++++ RECORDED INFORMATION ++++

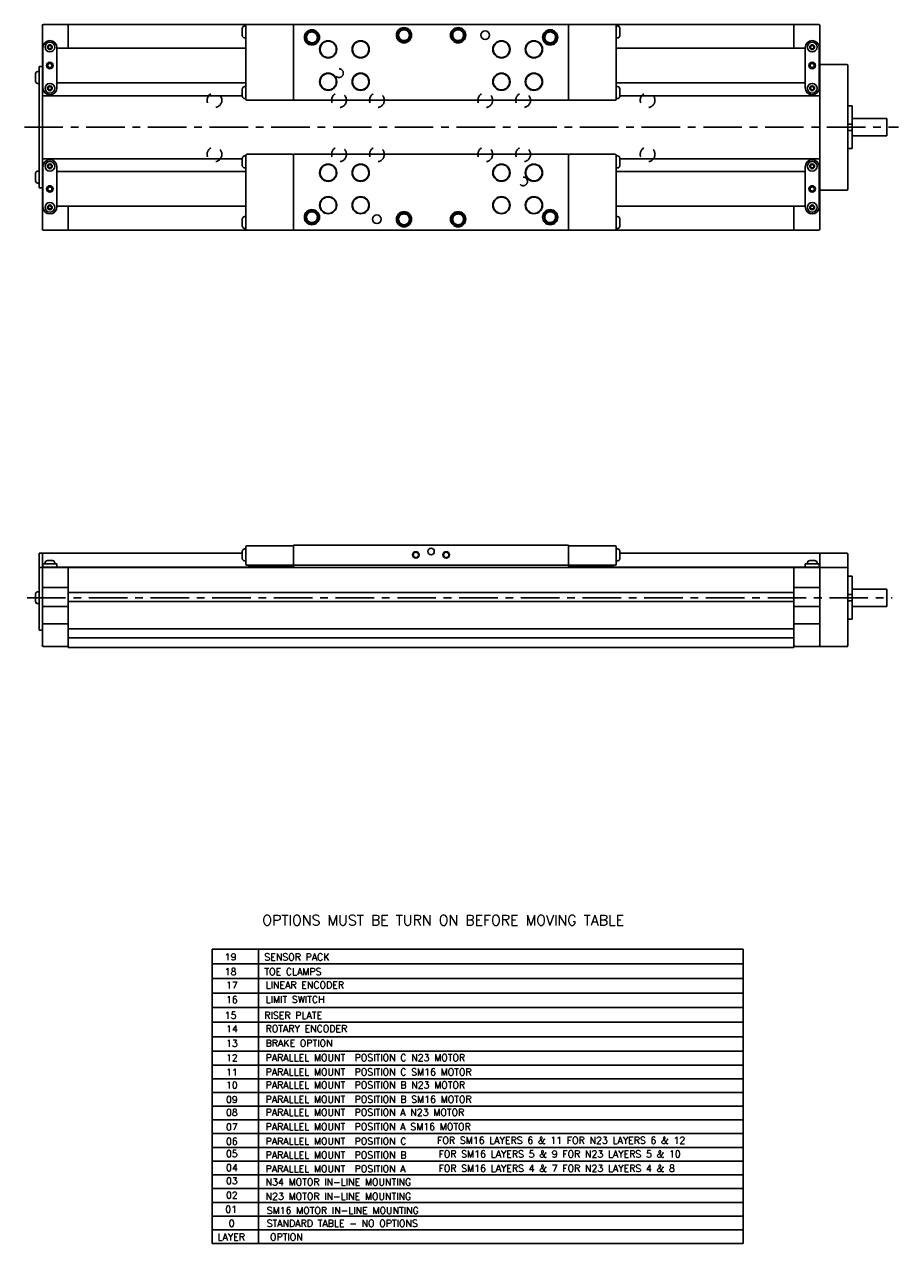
# Model space of a CAD drawing. Extents: x 1.4 to 40.4, y 2.1 to 24.3.
# Tile 2 of 3: x 14.5 to 30.4, y 2.1 to 24.3. Entities that reach past the tile are written whole.
import ezdxf
from ezdxf.enums import TextEntityAlignment as Align

# ---------------------------------------------------------------- set-up
doc = ezdxf.new("R2010")
doc.units = 0
doc.header["$LTSCALE"] = 1.87
doc.header["$MEASUREMENT"] = 0
doc.linetypes.add('CENTER', pattern=[0.6, 0.375, -0.075, 0.075, -0.075])
doc.linetypes.add('HIDDEN', pattern=[0.2, 0.1, -0.1])
doc.layers.get('0').update_dxf_attribs({"linetype": 'CONTINUOUS'})
doc.styles.add('ROMANS', font='ROMANS')

msp = doc.modelspace()

# ---------------------------------------------------------------- linework, layer by layer
for p, q in [((14.829, 20.538), (14.829, 24.238)), ((14.848, 24.258), (15.281, 24.258)), ((15.301, 23.825), (15.301, 24.258)), ((15.301, 24.258), (28.49, 24.258)), ((18.464, 24.189), (18.464, 24.051)), ((18.506, 24.229), (18.529, 24.229)), ((18.529, 22.9), (18.529, 24.238)), ((19.395, 24.258), (19.395, 22.88)), ((24.395, 24.258), (24.395, 22.88)), ((25.262, 24.238), (25.262, 22.9)), ((25.285, 24.229), (25.262, 24.229)), ((25.326, 24.051), (25.326, 24.189)), ((28.49, 23.825), (28.49, 24.258)), ((28.942, 24.258), (28.509, 24.258)), ((28.962, 23.316), (28.962, 24.238)), ((14.967, 23.963), (14.966, 23.963)), ((18.506, 24.012), (18.529, 24.012)), ((19.612, 24.022), (19.632, 24.022)), ((21.285, 24.061), (21.305, 24.061)), ((22.269, 24.061), (22.289, 24.061)), ((23.943, 24.022), (23.962, 24.022)), ((25.285, 24.012), (25.262, 24.012)), ((28.824, 23.963), (28.824, 23.963)), ((14.839, 23.835), (14.839, 23.107)), ((14.949, 23.874), (14.932, 23.845)), ((14.932, 23.845), (14.949, 23.815)), ((14.984, 23.874), (14.949, 23.874)), ((14.949, 23.815), (14.984, 23.815)), ((15.001, 23.845), (14.984, 23.874)), ((14.984, 23.815), (15.001, 23.845)), ((15.094, 23.107), (15.094, 23.835)), ((18.529, 23.825), (15.094, 23.825)), ((28.696, 23.825), (25.262, 23.825)), ((28.696, 23.835), (28.696, 23.107)), ((28.807, 23.874), (28.79, 23.845)), ((28.79, 23.845), (28.807, 23.815)), ((28.841, 23.874), (28.807, 23.874)), ((28.807, 23.815), (28.841, 23.815)), ((28.858, 23.845), (28.841, 23.874)), ((28.841, 23.815), (28.858, 23.845)), ((28.952, 23.107), (28.952, 23.835)), ((14.829, 23.705), (14.839, 23.71)), ((28.952, 23.71), (28.962, 23.705)), ((29.454, 23.53), (28.982, 23.53)), ((29.474, 23.51), (29.474, 21.266)), ((14.705, 23.363), (14.705, 23.225)), ((14.746, 23.402), (14.77, 23.402)), ((14.77, 21.286), (14.77, 23.49)), ((14.77, 23.49), (14.829, 23.49)), ((14.839, 23.311), (14.829, 23.316)), ((14.833, 23.313), (14.829, 23.313)), ((28.962, 23.316), (28.952, 23.311)), ((28.962, 23.313), (28.962, 21.463)), ((14.746, 23.185), (14.77, 23.185)), ((14.839, 23.195), (14.829, 23.195)), ((14.949, 23.126), (14.932, 23.097)), ((14.932, 23.097), (14.949, 23.067)), ((14.984, 23.126), (14.949, 23.126)), ((14.949, 23.067), (14.984, 23.067)), ((15.001, 23.097), (14.984, 23.126)), ((14.984, 23.067), (15.001, 23.097)), ((18.529, 23.195), (15.094, 23.195)), ((18.464, 23.087), (18.464, 22.949)), ((18.506, 23.126), (18.529, 23.126)), ((28.696, 23.195), (25.262, 23.195)), ((25.285, 23.126), (25.262, 23.126)), ((25.326, 22.949), (25.326, 23.087)), ((28.807, 23.126), (28.79, 23.097)), ((28.79, 23.097), (28.807, 23.067)), ((28.841, 23.126), (28.807, 23.126)), ((28.807, 23.067), (28.841, 23.067)), ((28.858, 23.097), (28.841, 23.126)), ((28.841, 23.067), (28.858, 23.097)), ((28.962, 23.195), (28.952, 23.195)), ((14.829, 22.961), (18.464, 22.961)), ((14.966, 22.979), (14.967, 22.979)), ((18.506, 22.91), (18.529, 22.91)), ((18.549, 22.88), (19.376, 22.88)), ((19.395, 22.88), (24.395, 22.88)), ((25.242, 22.88), (24.415, 22.88)), ((25.285, 22.91), (25.262, 22.91)), ((25.326, 22.961), (28.962, 22.961)), ((28.824, 22.979), (28.824, 22.979)), ((29.474, 22.777), (29.552, 22.777)), ((29.552, 21.999), (29.552, 22.777)), ((29.474, 22.447), (29.552, 22.447)), ((29.552, 22.546), (30.178, 22.546)), ((30.178, 22.546), (30.178, 22.231)), ((29.474, 22.329), (29.552, 22.329)), ((29.552, 22.231), (30.178, 22.231)), ((29.474, 21.999), (29.552, 21.999)), ((14.829, 21.815), (18.464, 21.815)), ((14.967, 21.798), (14.966, 21.798)), ((18.464, 21.827), (18.464, 21.689)), ((18.506, 21.866), (18.529, 21.866)), ((18.529, 20.538), (18.529, 21.876)), ((18.549, 21.896), (19.376, 21.896)), ((19.395, 21.896), (19.395, 20.518)), ((19.395, 21.896), (24.395, 21.896)), ((24.395, 21.896), (24.395, 20.518)), ((25.242, 21.896), (24.415, 21.896)), ((25.262, 21.876), (25.262, 20.538)), ((25.285, 21.866), (25.262, 21.866)), ((25.326, 21.689), (25.326, 21.827)), ((25.326, 21.815), (28.962, 21.815)), ((28.824, 21.798), (28.824, 21.798)), ((14.705, 21.551), (14.705, 21.414)), ((14.746, 21.591), (14.77, 21.591)), ((14.839, 21.581), (14.829, 21.581)), ((14.839, 21.67), (14.839, 20.941)), ((14.949, 21.709), (14.932, 21.679)), ((14.932, 21.679), (14.949, 21.65)), ((14.984, 21.709), (14.949, 21.709)), ((14.949, 21.65), (14.984, 21.65)), ((15.001, 21.679), (14.984, 21.709)), ((14.984, 21.65), (15.001, 21.679)), ((15.094, 20.941), (15.094, 21.67)), ((18.529, 21.581), (15.094, 21.581)), ((18.506, 21.65), (18.529, 21.65)), ((25.285, 21.65), (25.262, 21.65)), ((28.696, 21.581), (25.262, 21.581)), ((28.696, 21.67), (28.696, 20.941)), ((28.807, 21.709), (28.79, 21.679)), ((28.79, 21.679), (28.807, 21.65)), ((28.841, 21.709), (28.807, 21.709)), ((28.807, 21.65), (28.841, 21.65)), ((28.858, 21.679), (28.841, 21.709)), ((28.841, 21.65), (28.858, 21.679)), ((28.952, 20.941), (28.952, 21.67)), ((28.962, 21.581), (28.952, 21.581)), ((14.746, 21.374), (14.77, 21.374)), ((14.829, 21.286), (14.77, 21.286)), ((14.829, 21.461), (14.839, 21.466)), ((14.833, 21.463), (14.829, 21.463)), ((28.952, 21.466), (28.962, 21.461)), ((28.962, 20.538), (28.962, 21.461)), ((14.839, 21.066), (14.829, 21.071)), ((28.962, 21.071), (28.952, 21.066)), ((28.982, 21.246), (29.454, 21.246)), ((14.949, 20.961), (14.932, 20.931)), ((14.932, 20.931), (14.949, 20.902)), ((14.984, 20.961), (14.949, 20.961)), ((14.949, 20.902), (14.984, 20.902)), ((15.001, 20.931), (14.984, 20.961)), ((14.984, 20.902), (15.001, 20.931)), ((18.529, 20.951), (15.094, 20.951)), ((15.301, 20.518), (15.301, 20.951)), ((28.696, 20.951), (25.262, 20.951)), ((28.49, 20.518), (28.49, 20.951)), ((28.807, 20.961), (28.79, 20.931)), ((28.79, 20.931), (28.807, 20.902)), ((28.841, 20.961), (28.807, 20.961)), ((28.807, 20.902), (28.841, 20.902)), ((28.858, 20.931), (28.841, 20.961)), ((28.841, 20.902), (28.858, 20.931)), ((14.966, 20.813), (14.967, 20.813)), ((18.464, 20.725), (18.464, 20.587)), ((18.506, 20.764), (18.529, 20.764)), ((19.612, 20.754), (19.632, 20.754)), ((21.285, 20.715), (21.305, 20.715)), ((22.269, 20.715), (22.289, 20.715)), ((23.943, 20.754), (23.962, 20.754)), ((25.285, 20.764), (25.262, 20.764)), ((25.326, 20.587), (25.326, 20.725)), ((28.824, 20.813), (28.824, 20.813)), ((14.848, 20.518), (15.281, 20.518)), ((15.301, 20.518), (28.49, 20.518)), ((18.506, 20.548), (18.529, 20.548)), ((25.285, 20.548), (25.262, 20.548)), ((28.942, 20.518), (28.509, 20.518)), ((14.77, 13.245), (14.77, 14.643)), ((14.77, 14.643), (18.464, 14.643)), ((14.829, 14.375), (14.829, 14.643)), ((18.464, 14.544), (18.464, 14.682)), ((18.506, 14.722), (18.529, 14.722)), ((18.529, 14.446), (18.529, 14.761)), ((18.549, 14.781), (19.376, 14.781)), ((19.395, 14.387), (19.395, 14.791)), ((19.395, 14.791), (24.395, 14.791)), ((24.395, 14.791), (24.395, 14.387)), ((25.242, 14.781), (24.415, 14.781)), ((25.262, 14.761), (25.262, 14.446)), ((25.285, 14.722), (25.262, 14.722)), ((25.326, 14.544), (25.326, 14.682)), ((25.326, 14.643), (28.962, 14.643)), ((28.962, 14.387), (28.962, 14.643)), ((28.982, 14.643), (29.454, 14.643)), ((14.839, 14.451), (14.839, 14.392)), ((14.839, 14.451), (15.094, 14.451)), ((14.878, 14.467), (14.878, 14.451)), ((14.921, 14.51), (15.012, 14.51)), ((15.055, 14.467), (15.055, 14.451)), ((15.094, 14.451), (15.094, 14.392)), ((18.506, 14.505), (18.529, 14.505)), ((18.549, 14.426), (19.376, 14.426)), ((18.573, 14.426), (18.573, 14.412)), ((18.573, 14.412), (19.383, 14.412)), ((19.007, 14.412), (19.004, 14.411)), ((19.022, 14.412), (19.006, 14.406)), ((19.383, 14.412), (19.383, 14.428)), ((24.395, 14.426), (19.395, 14.426)), ((24.408, 14.412), (24.408, 14.428)), ((24.408, 14.412), (25.218, 14.412)), ((25.242, 14.426), (24.415, 14.426)), ((24.778, 14.406), (24.762, 14.412)), ((24.78, 14.411), (24.777, 14.412)), ((25.218, 14.426), (25.218, 14.412)), ((25.285, 14.505), (25.262, 14.505)), ((28.696, 14.451), (28.952, 14.451)), ((28.696, 14.451), (28.696, 14.392)), ((28.736, 14.467), (28.736, 14.451)), ((28.779, 14.51), (28.87, 14.51)), ((28.913, 14.467), (28.913, 14.451)), ((28.952, 14.451), (28.952, 14.392)), ((29.474, 14.623), (29.474, 12.97)), ((14.77, 14.387), (29.454, 14.387)), ((14.829, 14.392), (18.897, 14.392)), ((14.829, 14.367), (14.829, 12.97)), ((14.917, 14.392), (14.917, 14.387)), ((15.016, 14.392), (15.016, 14.387)), ((15.065, 14.387), (15.065, 14.392)), ((15.301, 12.929), (15.301, 14.387)), ((24.887, 14.392), (28.962, 14.392)), ((28.49, 12.929), (28.49, 14.387)), ((28.726, 14.387), (28.726, 14.392)), ((28.775, 14.392), (28.775, 14.387)), ((28.873, 14.392), (28.873, 14.387)), ((28.962, 14.367), (28.962, 12.97)), ((29.474, 14.225), (29.552, 14.225)), ((29.552, 13.447), (29.552, 14.225)), ((15.301, 14.021), (14.829, 14.021)), ((28.962, 14.021), (28.49, 14.021)), ((29.552, 13.993), (30.178, 13.993)), ((30.178, 13.993), (30.178, 13.678)), ((14.705, 13.767), (14.705, 13.905)), ((14.746, 13.944), (14.77, 13.944)), ((15.301, 13.932), (28.49, 13.932)), ((28.49, 13.767), (15.301, 13.767)), ((29.474, 13.895), (29.552, 13.895)), ((29.474, 13.777), (29.552, 13.777)), ((14.746, 13.728), (14.77, 13.728)), ((15.301, 13.678), (14.829, 13.678)), ((28.962, 13.678), (28.49, 13.678)), ((29.552, 13.678), (30.178, 13.678)), ((15.301, 13.359), (14.829, 13.359)), ((28.962, 13.359), (28.49, 13.359)), ((29.474, 13.447), (29.552, 13.447)), ((14.77, 13.245), (14.829, 13.245)), ((15.301, 13.271), (28.49, 13.271)), ((28.49, 13.105), (15.301, 13.105)), ((14.848, 12.95), (15.281, 12.95)), ((15.301, 12.929), (28.49, 12.929)), ((29.454, 12.95), (28.509, 12.95)), ((29.297, 12.95), (29.474, 12.95)), ((17.917, 2.093), (17.917, 7.446)), ((17.917, 7.446), (27.57, 7.446)), ((18.758, 2.093), (18.758, 7.446)), ((27.57, 2.093), (27.57, 7.446)), ((17.917, 7.178), (27.57, 7.178)), ((17.917, 6.91), (27.57, 6.91)), ((17.917, 6.647), (27.57, 6.647)), ((17.917, 6.384), (27.57, 6.384)), ((17.917, 6.116), (27.57, 6.116)), ((17.917, 5.853), (27.57, 5.853)), ((17.917, 5.589), (27.57, 5.589)), ((17.917, 5.339), (27.57, 5.339)), ((17.917, 5.089), (27.57, 5.089)), ((17.917, 4.843), (27.57, 4.843)), ((17.917, 4.593), (27.57, 4.593)), ((17.917, 4.343), (27.57, 4.343)), ((17.917, 4.093), (27.57, 4.093)), ((17.917, 3.843), (27.57, 3.843)), ((17.917, 3.593), (27.57, 3.593)), ((17.917, 3.343), (27.57, 3.343)), ((17.917, 3.093), (27.57, 3.093)), ((17.917, 2.843), (27.57, 2.843)), ((17.917, 2.593), (27.57, 2.593)), ((17.917, 2.343), (27.57, 2.343)), ((17.917, 2.093), (27.57, 2.093))]:
    msp.add_line(p, q)
at = {"color": 2, "linetype": 'CENTER'}
for p, q in [((14.503, 22.388), (30.395, 22.388)), ((14.551, 13.836), (30.278, 13.836))]:
    msp.add_line(p, q, dxfattribs=at)
at = {"color": 2}
msp.add_line((29.574, 13.836), (29.197, 13.836), dxfattribs=at)
for points in [[(21.285, 24.061), (21.286, 24.078), (21.29, 24.095), (21.296, 24.111), (21.304, 24.126), (21.314, 24.139), (21.326, 24.151), (21.34, 24.161), (21.355, 24.169), (21.371, 24.175), (21.388, 24.178), (21.405, 24.179), (21.422, 24.178), (21.438, 24.174), (21.454, 24.168), (21.469, 24.16), (21.482, 24.149), (21.494, 24.137), (21.504, 24.123), (21.512, 24.108), (21.517, 24.092), (21.521, 24.075), (21.521, 24.059)], [(21.295, 24.061), (21.296, 24.077), (21.3, 24.093), (21.305, 24.108), (21.313, 24.121), (21.323, 24.134), (21.335, 24.145), (21.348, 24.154), (21.362, 24.161), (21.377, 24.166), (21.393, 24.169), (21.409, 24.169), (21.424, 24.168), (21.44, 24.163), (21.454, 24.157), (21.468, 24.148), (21.48, 24.138), (21.49, 24.126), (21.499, 24.112), (21.505, 24.098), (21.509, 24.082), (21.511, 24.067), (21.511, 24.051)], [(22.269, 24.061), (22.271, 24.078), (22.274, 24.095), (22.28, 24.111), (22.288, 24.126), (22.299, 24.139), (22.311, 24.151), (22.324, 24.161), (22.339, 24.169), (22.355, 24.175), (22.372, 24.178), (22.389, 24.179), (22.406, 24.178), (22.422, 24.174), (22.438, 24.168), (22.453, 24.16), (22.466, 24.149), (22.478, 24.137), (22.488, 24.123), (22.496, 24.108), (22.502, 24.092), (22.505, 24.075), (22.506, 24.059)], [(22.279, 24.061), (22.28, 24.077), (22.284, 24.093), (22.29, 24.108), (22.297, 24.121), (22.307, 24.134), (22.319, 24.145), (22.332, 24.154), (22.346, 24.161), (22.361, 24.166), (22.377, 24.169), (22.393, 24.169), (22.409, 24.168), (22.424, 24.163), (22.439, 24.157), (22.452, 24.148), (22.464, 24.138), (22.474, 24.126), (22.483, 24.112), (22.489, 24.098), (22.494, 24.082), (22.496, 24.067), (22.495, 24.051)], [(19.612, 24.022), (19.613, 24.039), (19.617, 24.055), (19.623, 24.071), (19.631, 24.086), (19.641, 24.1), (19.653, 24.112), (19.667, 24.122), (19.682, 24.13), (19.698, 24.136), (19.714, 24.139), (19.731, 24.14), (19.748, 24.139), (19.765, 24.135), (19.781, 24.129), (19.795, 24.12), (19.809, 24.11), (19.821, 24.098), (19.831, 24.084), (19.838, 24.069), (19.844, 24.053), (19.847, 24.036), (19.848, 24.019)], [(19.848, 24.019), (19.846, 24.002), (19.842, 23.986), (19.836, 23.97), (19.828, 23.955), (19.817, 23.942), (19.805, 23.93), (19.791, 23.921), (19.776, 23.913), (19.759, 23.908), (19.743, 23.905), (19.726, 23.904), (19.709, 23.906), (19.692, 23.91), (19.677, 23.917), (19.662, 23.925), (19.649, 23.936), (19.638, 23.948), (19.628, 23.963), (19.62, 23.978), (19.615, 23.994), (19.612, 24.011), (19.612, 24.022)], [(19.622, 24.022), (19.623, 24.038), (19.626, 24.053), (19.632, 24.068), (19.64, 24.082), (19.65, 24.095), (19.661, 24.106), (19.674, 24.115), (19.689, 24.122), (19.704, 24.127), (19.719, 24.13), (19.735, 24.13), (19.751, 24.128), (19.766, 24.124), (19.781, 24.117), (19.795, 24.109), (19.807, 24.099), (19.817, 24.086), (19.825, 24.073), (19.832, 24.058), (19.836, 24.043), (19.838, 24.027), (19.838, 24.011)], [(19.838, 24.011), (19.835, 23.996), (19.83, 23.981), (19.823, 23.966), (19.814, 23.953), (19.803, 23.942), (19.79, 23.932), (19.776, 23.924), (19.761, 23.918), (19.746, 23.915), (19.73, 23.914), (19.714, 23.915), (19.699, 23.918), (19.684, 23.924), (19.67, 23.932), (19.657, 23.942), (19.646, 23.953), (19.637, 23.966), (19.63, 23.981), (19.625, 23.996), (19.622, 24.011), (19.622, 24.022)], [(19.632, 24.022), (19.633, 24.037), (19.636, 24.051), (19.641, 24.065), (19.649, 24.078), (19.658, 24.089), (19.669, 24.099), (19.682, 24.108), (19.695, 24.114), (19.709, 24.118), (19.724, 24.12), (19.739, 24.12), (19.753, 24.118), (19.767, 24.113), (19.781, 24.106), (19.793, 24.098), (19.803, 24.088), (19.812, 24.076), (19.82, 24.063), (19.825, 24.049), (19.828, 24.034), (19.828, 24.019)], [(19.828, 24.019), (19.827, 24.005), (19.823, 23.99), (19.817, 23.977), (19.81, 23.964), (19.8, 23.953), (19.789, 23.943), (19.776, 23.935), (19.763, 23.929), (19.748, 23.925), (19.734, 23.924), (19.719, 23.924), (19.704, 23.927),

++++

* WORK INSTRUCTION: Of the lines above, output exactly those from the line bearing "msp.add_line(p, q)" through the line bearing "msp.add_line((29.574, 13.836), (29.197, 13.836), dxfattribs=at)", inclusive.

* TASK RESULT:
    msp.add_line(p, q)
at = {"color": 2, "linetype": 'CENTER'}
for p, q in [((14.503, 22.388), (30.395, 22.388)), ((14.551, 13.836), (30.278, 13.836))]:
    msp.add_line(p, q, dxfattribs=at)
at = {"color": 2}
msp.add_line((29.574, 13.836), (29.197, 13.836), dxfattribs=at)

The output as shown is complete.